BEGIN Task data
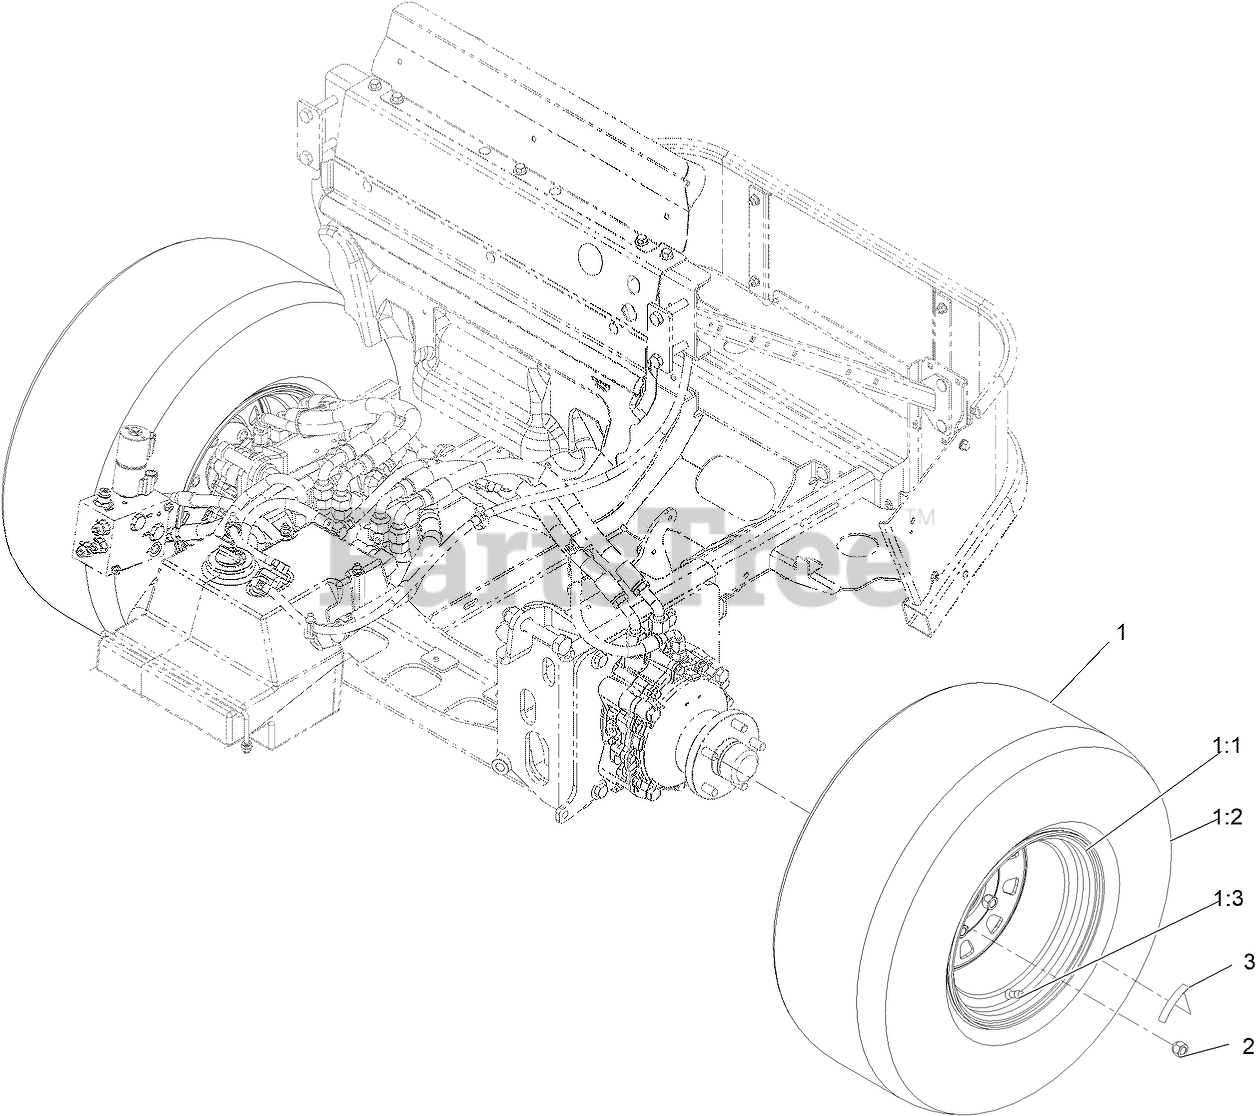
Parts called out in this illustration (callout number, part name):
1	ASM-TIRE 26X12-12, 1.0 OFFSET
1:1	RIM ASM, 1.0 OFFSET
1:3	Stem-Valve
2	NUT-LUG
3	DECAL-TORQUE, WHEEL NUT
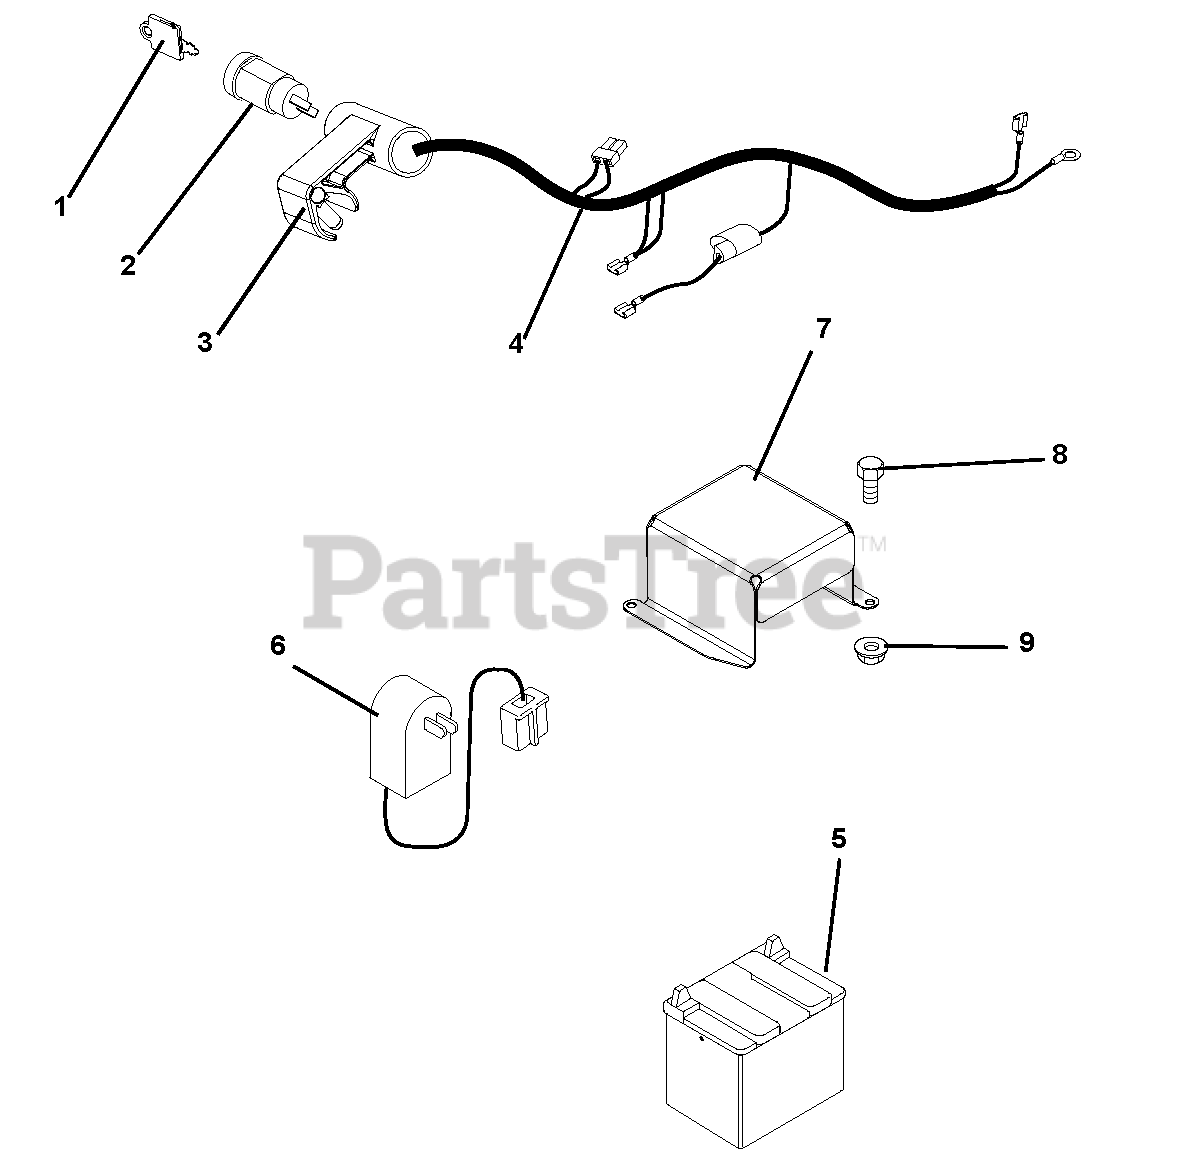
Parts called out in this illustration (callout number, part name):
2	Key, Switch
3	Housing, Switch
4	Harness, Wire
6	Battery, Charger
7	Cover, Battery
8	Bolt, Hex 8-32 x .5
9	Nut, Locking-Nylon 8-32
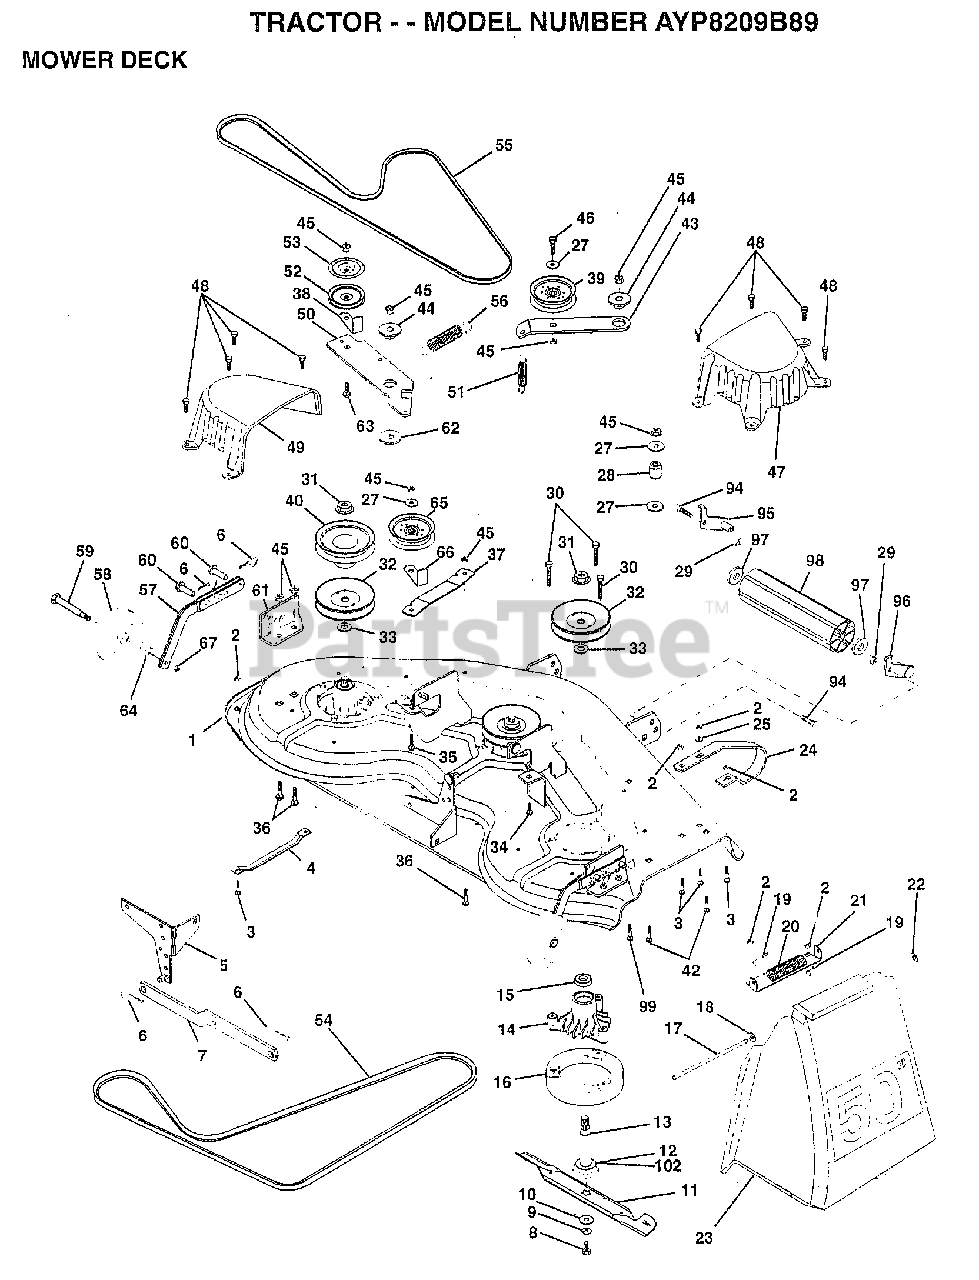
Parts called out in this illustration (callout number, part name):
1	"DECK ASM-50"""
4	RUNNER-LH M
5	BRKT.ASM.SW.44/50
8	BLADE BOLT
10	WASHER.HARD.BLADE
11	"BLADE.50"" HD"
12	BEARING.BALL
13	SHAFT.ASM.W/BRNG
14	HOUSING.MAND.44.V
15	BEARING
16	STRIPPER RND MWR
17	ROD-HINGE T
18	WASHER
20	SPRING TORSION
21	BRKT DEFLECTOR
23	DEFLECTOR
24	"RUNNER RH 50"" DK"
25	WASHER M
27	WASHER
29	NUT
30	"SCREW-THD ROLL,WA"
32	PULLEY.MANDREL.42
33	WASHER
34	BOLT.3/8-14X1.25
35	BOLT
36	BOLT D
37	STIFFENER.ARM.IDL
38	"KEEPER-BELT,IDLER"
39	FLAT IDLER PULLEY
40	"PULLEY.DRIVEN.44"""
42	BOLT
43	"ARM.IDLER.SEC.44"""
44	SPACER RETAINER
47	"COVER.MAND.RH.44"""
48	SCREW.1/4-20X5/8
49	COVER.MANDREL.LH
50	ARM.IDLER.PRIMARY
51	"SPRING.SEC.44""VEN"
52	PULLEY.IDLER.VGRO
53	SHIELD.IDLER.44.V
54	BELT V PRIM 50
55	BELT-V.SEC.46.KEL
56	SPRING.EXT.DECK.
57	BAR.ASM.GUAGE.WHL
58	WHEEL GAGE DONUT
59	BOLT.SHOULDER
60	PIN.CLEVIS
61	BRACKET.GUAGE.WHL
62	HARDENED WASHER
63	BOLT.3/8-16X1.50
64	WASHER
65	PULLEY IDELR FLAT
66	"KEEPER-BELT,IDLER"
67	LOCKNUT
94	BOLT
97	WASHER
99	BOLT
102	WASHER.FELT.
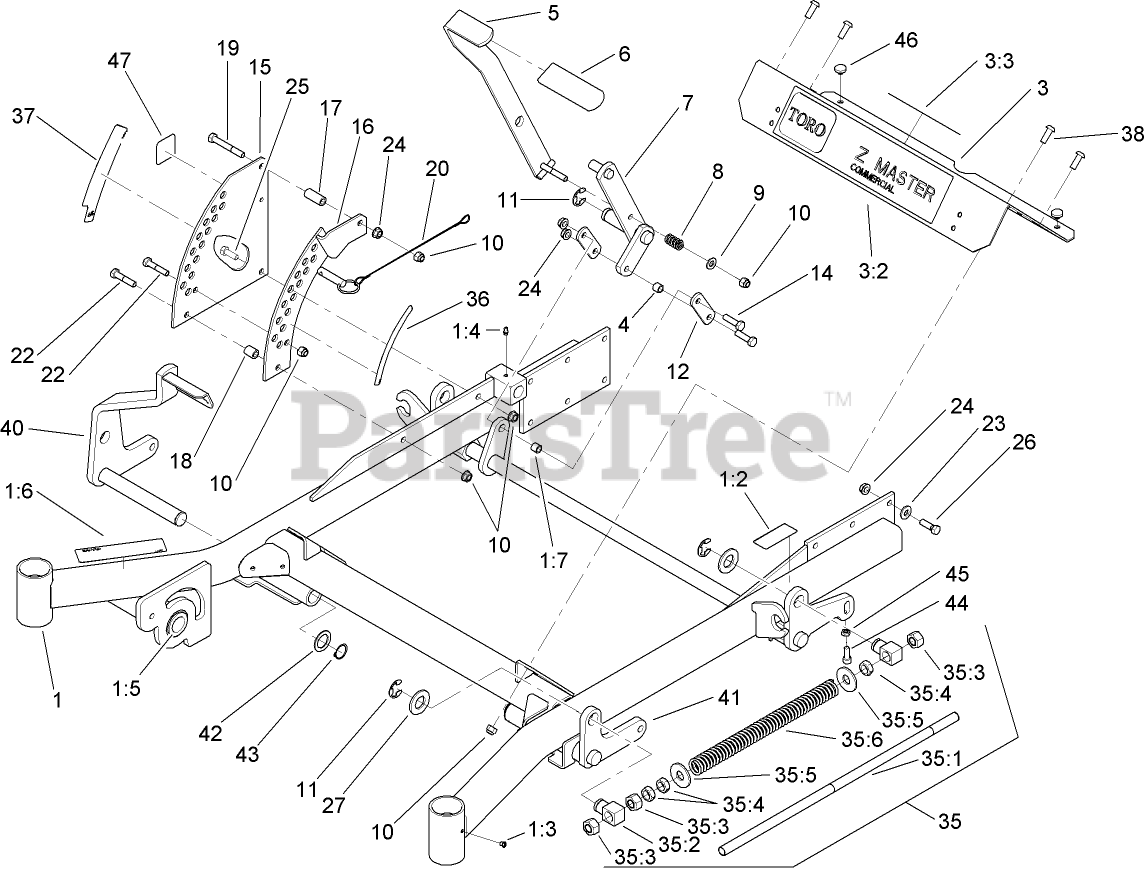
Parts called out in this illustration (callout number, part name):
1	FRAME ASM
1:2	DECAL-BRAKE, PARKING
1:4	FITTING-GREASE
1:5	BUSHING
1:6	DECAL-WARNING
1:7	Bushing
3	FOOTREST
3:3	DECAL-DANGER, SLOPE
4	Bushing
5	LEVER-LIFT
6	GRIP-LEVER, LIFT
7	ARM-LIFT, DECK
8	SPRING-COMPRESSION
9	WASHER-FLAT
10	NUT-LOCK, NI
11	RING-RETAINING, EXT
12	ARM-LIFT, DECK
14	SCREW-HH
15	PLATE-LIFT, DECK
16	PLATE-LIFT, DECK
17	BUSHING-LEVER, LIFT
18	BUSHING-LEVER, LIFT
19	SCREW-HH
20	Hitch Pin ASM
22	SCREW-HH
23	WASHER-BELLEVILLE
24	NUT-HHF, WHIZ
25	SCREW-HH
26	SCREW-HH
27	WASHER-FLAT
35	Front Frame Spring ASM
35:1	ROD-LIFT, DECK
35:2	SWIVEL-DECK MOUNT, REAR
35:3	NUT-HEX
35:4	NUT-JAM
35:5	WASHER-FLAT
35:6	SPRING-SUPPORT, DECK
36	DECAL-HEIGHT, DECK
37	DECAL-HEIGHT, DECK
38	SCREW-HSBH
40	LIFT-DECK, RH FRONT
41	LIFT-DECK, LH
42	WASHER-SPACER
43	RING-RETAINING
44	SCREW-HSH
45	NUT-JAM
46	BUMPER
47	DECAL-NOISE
END Task data
Problem description ->
Wherever a line in the data above contains the word "SCREW", copy that line.

Response box ->
30	"SCREW-THD ROLL,WA"
48	SCREW.1/4-20X5/8
14	SCREW-HH
19	SCREW-HH
22	SCREW-HH
25	SCREW-HH
26	SCREW-HH
38	SCREW-HSBH
44	SCREW-HSH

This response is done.